Three instances where departure from the democratic principle has resulted in long running security problems has been the unrest in Punjab of the Eighties, the Kashmiri militancy of the Nineties and the bomb blasts in Mumbai of 1993 and 2003. There is no gainsaying the fact that a sense of grievance arising from the perceived injustice of the anti-Sikh riots and the hardline suppression of the Kashmiri militancy has fuelled disturbed conditions characterized by terrorism to an extent. The bomb blasts in Mumbai, while bearing the stamp of ISI and D Company, could have been averted had police politicization not made them participants in the largely one-sided riots of 1993 and 2002. Widening the popular definition of terrorism has the underside of making it unweildly, but in the event may be a practical reaction to the Indian circumstance.

 

Another pertinent aspect that escapes attention, for want of substantiating information, is that in the absence of civilized engagement between India and Pakistan, these terrorist acts are a substitute dialogue between the two states entrusted to respective intelligence agencies.

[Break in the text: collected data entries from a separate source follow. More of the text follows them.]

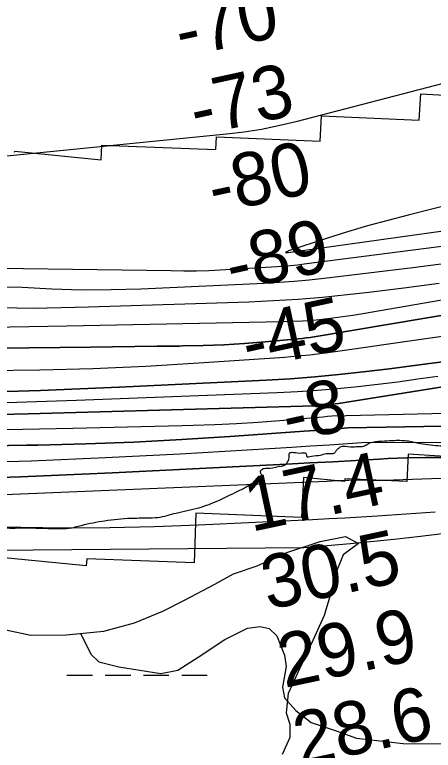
# Model space of a CAD drawing. Extents: x 3297772 to 3335630, y 634068 to 659439.
# Drawn here: x 3327309 to 3327833, y 645151 to 646073 of the extents above; entities that cross this region are included whole.
import ezdxf

# ---------------------------------------------------------------- set-up
doc = ezdxf.new("R2010")
doc.units = 0
for name, color, linetype in [('V-RIVR-EDGE', 7, 'Continuous'), ('V-RIVR-RANG', 7, 'Continuous'), ('V-RRAP-RVMT', 7, 'Continuous'), ('V-SITE-VEGE', 7, 'Continuous'), ('V-TOPO-DPTH', 7, 'Continuous'), ('V-TOPO-MAJR', 7, 'Continuous'), ('V-TOPO-MINR', 7, 'Continuous'), ('V-TOPO-WATR', 7, 'Continuous'), ('V-WETL-SWMP', 7, 'Continuous')]:
    doc.layers.add(name, color=color, linetype=linetype)

msp = doc.modelspace()

# ---------------------------------------------------------------- linework, layer by layer
at = {"layer": 'V-RIVR-EDGE'}
msp.add_spline([(3325196.76, 645366.57), (3325219.07, 645371.99), (3325232.62, 645380.37), (3325238.11, 645381.45), (3325244.69, 645381.43), (3325256.03, 645384.7), (3325270.28, 645383.93), (3325278.69, 645383.91), (3325292.94, 645383.87), (3325303.18, 645385.68), (3325337.93, 645393.27), (3325341.96, 645396.18), (3325345.26, 645400.19), (3325350.02, 645402.74), (3325363.55, 645407.09), (3325383.3, 645410.34), (3325403.77, 645410.65), (3325424.61, 645412.06), (3325447.65, 645414.56), (3325474.71, 645418.52), (3325488.24, 645421.04), (3325503.6, 645423.2), (3325524.43, 645423.51), (3325540.88, 645421.28), (3325546.37, 645422.36), (3325555.87, 645423.43), (3325573.43, 645427.41), (3325598.29, 645430.64), (3325642.54, 645437.11), (3325676.18, 645439.95), (3325709.08, 645440.6), (3325736.86, 645438.7), (3325745.63, 645439.05), (3325778.18, 645445.91), (3325790.25, 645447.71), (3325816.2, 645448.01), (3325841.42, 645446.85), (3325861.17, 645447.9), (3325877.99, 645450.78), (3325891.88, 645451.48), (3325905.04, 645450.72), (3325915.64, 645449.96), (3325925.51, 645449.94), (3325931.73, 645453.58), (3325946.36, 645457.2), (3325975.98, 645462.24), (3326020.59, 645466.52), (3326051.66, 645467.17), (3326078.35, 645468.93), (3326092.26, 645474.75), (3326108.35, 645477.63), (3326121.15, 645479.43), (3326134.67, 645479.39), (3326146.37, 645479), (3326156.98, 645483.73), (3326173.06, 645481.86), (3326186.58, 645479.63), (3326209.25, 645482.5), (3326231.92, 645484.27), (3326245.82, 645486.8), (3326251.3, 645487.51), (3326255.69, 645487.5), (3326266.65, 645484.55), (3326272.13, 645484.9), (3326286.76, 645485.6), (3326304.31, 645487.02), (3326331.71, 645482.93), (3326352.19, 645483.24), (3326375.22, 645483.92), (3326399.71, 645484.95), (3326430.42, 645487.07), (3326472.11, 645494.64), (3326504.66, 645500.78), (3326533.19, 645508.02), (3326555.14, 645512.72), (3326569.77, 645515.24), (3326590.6, 645516.28), (3326611.44, 645516.96), (3326626.07, 645517.29), (3326648.74, 645520.16), (3326682.73, 645518.61), (3326701.37, 645519.67), (3326720.39, 645522.91), (3326726.24, 645522.89), (3326745.6, 645516.63), (3326754.37, 645517.71), (3326767.18, 645522.43), (3326775.22, 645522.41), (3326789.47, 645520.91), (3326806.64, 645515.75), (3326817.97, 645513.16), (3326835.51, 645512.75), (3326847.57, 645511.63), (3326853.78, 645509.42), (3326864.75, 645508.29), (3326886.31, 645508.61), (3326901.66, 645506.01), (3326929.42, 645497.17), (3326947.69, 645495.3), (3326969.62, 645490.49), (3326983.5, 645489.36), (3327007.99, 645487.47), (3327024.79, 645482.31), (3327048.53, 645473.84), (3327083.59, 645460.96), (3327102.59, 645457.26), (3327123.05, 645450.63), (3327142.04, 645445.1), (3327153.38, 645445.8), (3327176.02, 645437.34), (3327197.58, 645434.36), (3327219.15, 645434.31), (3327235.22, 645431.71), (3327254.59, 645429.83), (3327257.15, 645427.63), (3327254.58, 645423.62), (3327249.09, 645419.98), (3327247.62, 645417.42), (3327250.17, 645413.76), (3327256.38, 645412.65), (3327262.23, 645412.63), (3327269.91, 645413.71), (3327273.57, 645415.53), (3327277.23, 645418.81), (3327282.37, 645427.57), (3327290.05, 645429.75), (3327306.5, 645429.71), (3327316.74, 645430.05), (3327337.57, 645429.63), (3327362.43, 645429.2), (3327376.69, 645429.53), (3327392.41, 645433.15), (3327421.31, 645438.93), (3327454.21, 645442.13), (3327473.95, 645442.45), (3327488.21, 645443.15), (3327510.89, 645448.57), (3327539.05, 645455.08), (3327565.4, 645464.89), (3327591.75, 645477.62), (3327596.87, 645480.16), (3327603.46, 645484.17), (3327608.95, 645487.08), (3327619.57, 645492.9), (3327619.57, 645494.37), (3327617.02, 645498.39), (3327616.66, 645500.59), (3327617.4, 645502.05), (3327621.42, 645504.6), (3327628.37, 645504.94), (3327642.63, 645507.47), (3327647.02, 645508.55), (3327651.79, 645514.39), (3327652.52, 645515.85), (3327653.64, 645524.26), (3327655.1, 645524.62), (3327658.03, 645524.61), (3327668.26, 645523.85), (3327673.01, 645523.84), (3327674.11, 645522.74), (3327674.47, 645519.82), (3327680.68, 645519.8), (3327691.65, 645521.24), (3327699.33, 645523.05), (3327707.74, 645523.39), (3327709.93, 645524.12), (3327712.14, 645527.4), (3327715.43, 645530.32), (3327716.9, 645531.41), (3327729.69, 645531.38), (3327739.2, 645532.09), (3327745.78, 645532.44), (3327750.9, 645534.98), (3327757.12, 645537.53), (3327772.48, 645538.95), (3327784.91, 645539.65), (3327802.45, 645538.88), (3327817.07, 645535.91), (3327829.86, 645534.06), (3327842.28, 645532.93), (3327856.91, 645533.26), (3327866.41, 645534.33), (3327870.44, 645536.51), (3327879.22, 645537.22), (3327886.16, 645537.57), (3327892.01, 645538.65), (3327898.23, 645538.64), (3327904.08, 645538.62), (3327915.77, 645534.94), (3327925.63, 645534.55), (3327947.21, 645537.06), (3327969.14, 645537.73), (3327991.81, 645538.04), (3328022.88, 645537.6), (3328037.49, 645535.74), (3328060.16, 645536.04), (3328088.31, 645536.34), (3328117.55, 645537.37), (3328121.94, 645535.89), (3328132.53, 645533.67), (3328150.81, 645535.09), (3328167.63, 645534.32), (3328186.64, 645536.83), (3328199.44, 645540.09), (3328214.44, 645541.88), (3328232.35, 645542.93), (3328250.99, 645542.15), (3328289.37, 645541.69), (3328309.85, 645543.84), (3328325.21, 645547.82), (3328337.3, 645556.56), (3328349.76, 645568.96), (3328357.82, 645579.54), (3328362.59, 645586.47), (3328365.52, 645587.93), (3328369.54, 645588.28), (3328387.82, 645586.41), (3328406.82, 645583.07), (3328410.84, 645583.06), (3328415.59, 645584.15), (3328422.17, 645584.13), (3328433.86, 645580.81), (3328450.66, 645574.56), (3328468.55, 645563.91), (3328480.23, 645556.57), (3328490.82, 645555.09), (3328505.81, 645553.22), (3328518.95, 645546.97), (3328533.19, 645539.99), (3328537.57, 645539.25), (3328541.23, 645539.97), (3328548.17, 645537.4), (3328551.82, 645534.1), (3328555.84, 645532.63), (3328561.68, 645532.25), (3328569.73, 645533.69), (3328596.79, 645537.64), (3328623.85, 645539.77), (3328643.95, 645540.45), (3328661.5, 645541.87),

The Pakistani reading of the bomb blasts and sectarianism in Karachi and elsewhere has echoes of India’s fixation with the ISI. In both states votaries of a ‘tit for tat’ policy exist and may have seized the policy agenda. Ending terrorism would thus require a political approach, along both dimensions, internal and external, besides the present law and order and military approach.

 

Admittedly, the present approach to terrorism may well be a ‘political’ one, in that it is one sanctioned by political rulers and is naturally conditioned by a right wing world-view, one that globally subscribes to dousing ‘fire with fire’. Demands of making of the majority community a ‘vote bank’ increase with the proximity of elections. Being seen as ‘soft’ on terrorism, by considering ‘roots’ as against the outcome of terrorism, may not be politically attractive. However, in the Indian context, considerably more complex sociologically, historically and politically, a ‘political approach’ demands, inter alia, depoliticisation of governance, with professionalisation of policing being a major strand of the effort. The perspective of democracy as majoritarianism, lying at the root of institutional decomposition, requires review.

 

Privileging militarized policing alone may yield a diminishing deterrence value. There is a need to prevent the dastardly nature of terrorism limit the debate on ending it. The criminality of the act should not be allowed to delegitimise its political context. Even as the act and its perpetrator faces inexorably the long arm of the law, the arm should not itself be selective. While it is likely that the wider contestation over the definition of nationalism between civic constitutionalism and cultural-territorial nationalism would provide long term answers, the interim could be negotiated by a securitisation of the ‘roots’ of terrorism.